In the listing below, find the line holding "#25819 = DIRECTION" and the line holding "#43821 = CARTESIAN_POINT". Write out those two lines and all lines between, exactly, and nothing more.
___ SUPPLIED RECORDS
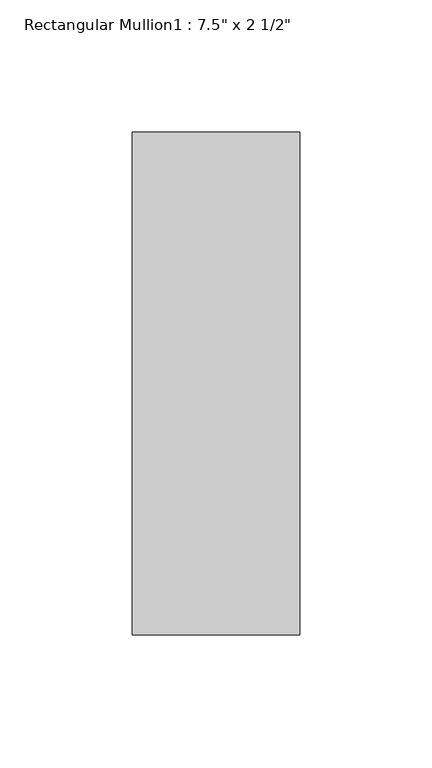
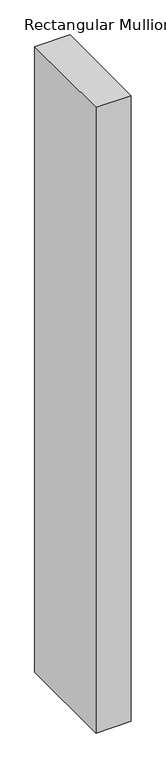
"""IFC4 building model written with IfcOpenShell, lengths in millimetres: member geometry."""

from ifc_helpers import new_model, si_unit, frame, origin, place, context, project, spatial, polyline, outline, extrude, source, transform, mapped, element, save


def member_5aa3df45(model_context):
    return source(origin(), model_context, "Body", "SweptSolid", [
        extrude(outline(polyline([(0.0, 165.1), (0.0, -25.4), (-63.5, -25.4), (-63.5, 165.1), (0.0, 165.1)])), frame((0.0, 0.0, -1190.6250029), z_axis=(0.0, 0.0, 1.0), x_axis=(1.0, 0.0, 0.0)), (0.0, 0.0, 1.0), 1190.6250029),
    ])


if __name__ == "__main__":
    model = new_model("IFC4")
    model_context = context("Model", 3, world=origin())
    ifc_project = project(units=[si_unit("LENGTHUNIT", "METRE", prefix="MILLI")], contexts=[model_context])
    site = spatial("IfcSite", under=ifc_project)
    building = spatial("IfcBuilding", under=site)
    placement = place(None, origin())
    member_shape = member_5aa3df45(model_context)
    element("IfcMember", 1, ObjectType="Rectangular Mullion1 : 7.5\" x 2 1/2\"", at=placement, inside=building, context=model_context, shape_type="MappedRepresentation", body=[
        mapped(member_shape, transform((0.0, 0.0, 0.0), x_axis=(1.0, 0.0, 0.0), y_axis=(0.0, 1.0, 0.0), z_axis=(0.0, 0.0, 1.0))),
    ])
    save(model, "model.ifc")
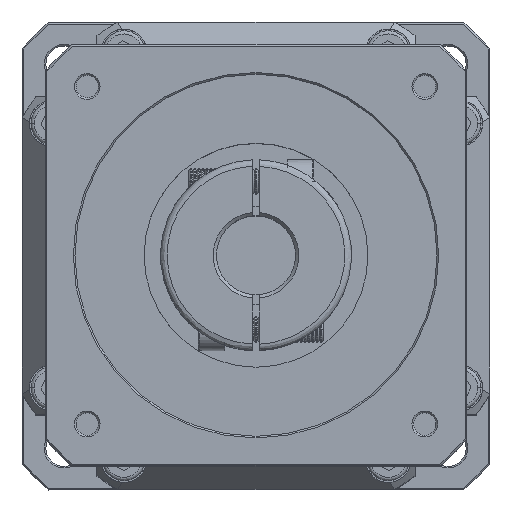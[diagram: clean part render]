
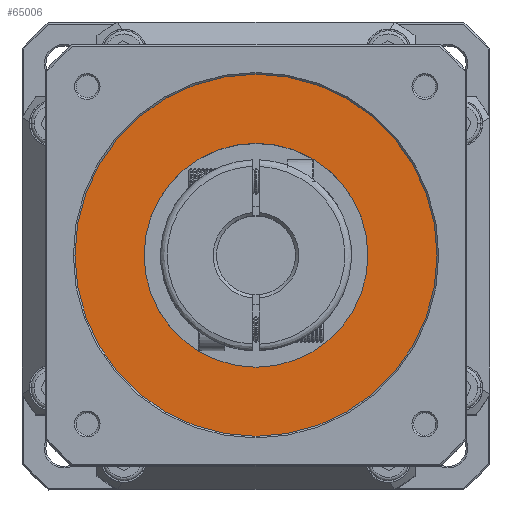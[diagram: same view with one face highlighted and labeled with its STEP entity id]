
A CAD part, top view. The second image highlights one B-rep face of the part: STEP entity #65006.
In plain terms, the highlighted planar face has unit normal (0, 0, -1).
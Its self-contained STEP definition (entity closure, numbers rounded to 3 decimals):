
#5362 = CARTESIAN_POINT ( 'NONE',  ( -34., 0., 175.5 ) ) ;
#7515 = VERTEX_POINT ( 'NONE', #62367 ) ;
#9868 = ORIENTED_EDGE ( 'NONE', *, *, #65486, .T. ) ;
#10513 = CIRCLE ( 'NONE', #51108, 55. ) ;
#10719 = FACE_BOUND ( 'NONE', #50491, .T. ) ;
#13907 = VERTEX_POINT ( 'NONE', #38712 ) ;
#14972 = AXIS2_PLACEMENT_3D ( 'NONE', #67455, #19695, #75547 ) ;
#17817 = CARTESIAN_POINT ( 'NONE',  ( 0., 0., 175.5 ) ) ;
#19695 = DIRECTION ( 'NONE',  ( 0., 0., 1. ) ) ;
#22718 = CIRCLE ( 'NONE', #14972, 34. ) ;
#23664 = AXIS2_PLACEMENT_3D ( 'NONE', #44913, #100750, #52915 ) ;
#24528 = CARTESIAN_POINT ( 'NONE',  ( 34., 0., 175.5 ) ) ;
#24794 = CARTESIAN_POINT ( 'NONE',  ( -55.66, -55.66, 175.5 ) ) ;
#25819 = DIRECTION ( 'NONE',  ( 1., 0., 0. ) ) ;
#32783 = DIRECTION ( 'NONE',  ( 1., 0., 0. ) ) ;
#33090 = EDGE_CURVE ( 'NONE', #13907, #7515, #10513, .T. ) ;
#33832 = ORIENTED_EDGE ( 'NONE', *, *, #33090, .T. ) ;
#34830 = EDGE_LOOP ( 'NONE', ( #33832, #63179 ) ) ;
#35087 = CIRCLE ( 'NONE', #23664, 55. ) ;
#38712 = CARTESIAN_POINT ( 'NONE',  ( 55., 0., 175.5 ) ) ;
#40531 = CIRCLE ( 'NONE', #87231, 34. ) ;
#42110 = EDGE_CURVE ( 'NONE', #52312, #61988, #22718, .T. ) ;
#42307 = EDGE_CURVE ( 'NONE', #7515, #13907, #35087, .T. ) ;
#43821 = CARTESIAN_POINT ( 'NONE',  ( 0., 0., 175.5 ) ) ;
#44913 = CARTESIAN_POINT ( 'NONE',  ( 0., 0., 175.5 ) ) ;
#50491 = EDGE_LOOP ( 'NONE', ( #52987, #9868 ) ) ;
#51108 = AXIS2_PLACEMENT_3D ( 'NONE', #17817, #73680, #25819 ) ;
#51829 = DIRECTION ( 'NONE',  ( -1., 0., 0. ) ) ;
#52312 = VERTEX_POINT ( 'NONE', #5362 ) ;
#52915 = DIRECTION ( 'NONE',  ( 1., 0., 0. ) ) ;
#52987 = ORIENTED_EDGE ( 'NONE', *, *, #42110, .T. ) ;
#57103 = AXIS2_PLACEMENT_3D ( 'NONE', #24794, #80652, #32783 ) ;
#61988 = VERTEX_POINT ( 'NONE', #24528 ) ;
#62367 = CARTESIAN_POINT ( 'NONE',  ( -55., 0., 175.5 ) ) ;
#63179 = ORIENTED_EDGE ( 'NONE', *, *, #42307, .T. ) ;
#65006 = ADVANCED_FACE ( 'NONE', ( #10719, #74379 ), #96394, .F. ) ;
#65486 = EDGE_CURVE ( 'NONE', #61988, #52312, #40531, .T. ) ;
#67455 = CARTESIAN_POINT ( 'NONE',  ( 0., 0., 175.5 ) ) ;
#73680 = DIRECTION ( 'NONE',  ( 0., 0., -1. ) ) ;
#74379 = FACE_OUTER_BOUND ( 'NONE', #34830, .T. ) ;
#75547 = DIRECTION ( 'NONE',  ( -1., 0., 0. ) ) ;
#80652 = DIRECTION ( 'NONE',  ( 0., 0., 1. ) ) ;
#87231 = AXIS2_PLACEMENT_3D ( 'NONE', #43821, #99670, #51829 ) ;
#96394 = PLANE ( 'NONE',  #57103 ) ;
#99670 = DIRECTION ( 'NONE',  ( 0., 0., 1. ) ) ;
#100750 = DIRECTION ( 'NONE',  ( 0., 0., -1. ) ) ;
______
ANSWER SPACE »
#25819 = DIRECTION ( 'NONE',  ( 1., 0., 0. ) ) ;
#32783 = DIRECTION ( 'NONE',  ( 1., 0., 0. ) ) ;
#33090 = EDGE_CURVE ( 'NONE', #13907, #7515, #10513, .T. ) ;
#33832 = ORIENTED_EDGE ( 'NONE', *, *, #33090, .T. ) ;
#34830 = EDGE_LOOP ( 'NONE', ( #33832, #63179 ) ) ;
#35087 = CIRCLE ( 'NONE', #23664, 55. ) ;
#38712 = CARTESIAN_POINT ( 'NONE',  ( 55., 0., 175.5 ) ) ;
#40531 = CIRCLE ( 'NONE', #87231, 34. ) ;
#42110 = EDGE_CURVE ( 'NONE', #52312, #61988, #22718, .T. ) ;
#42307 = EDGE_CURVE ( 'NONE', #7515, #13907, #35087, .T. ) ;
#43821 = CARTESIAN_POINT ( 'NONE',  ( 0., 0., 175.5 ) ) ;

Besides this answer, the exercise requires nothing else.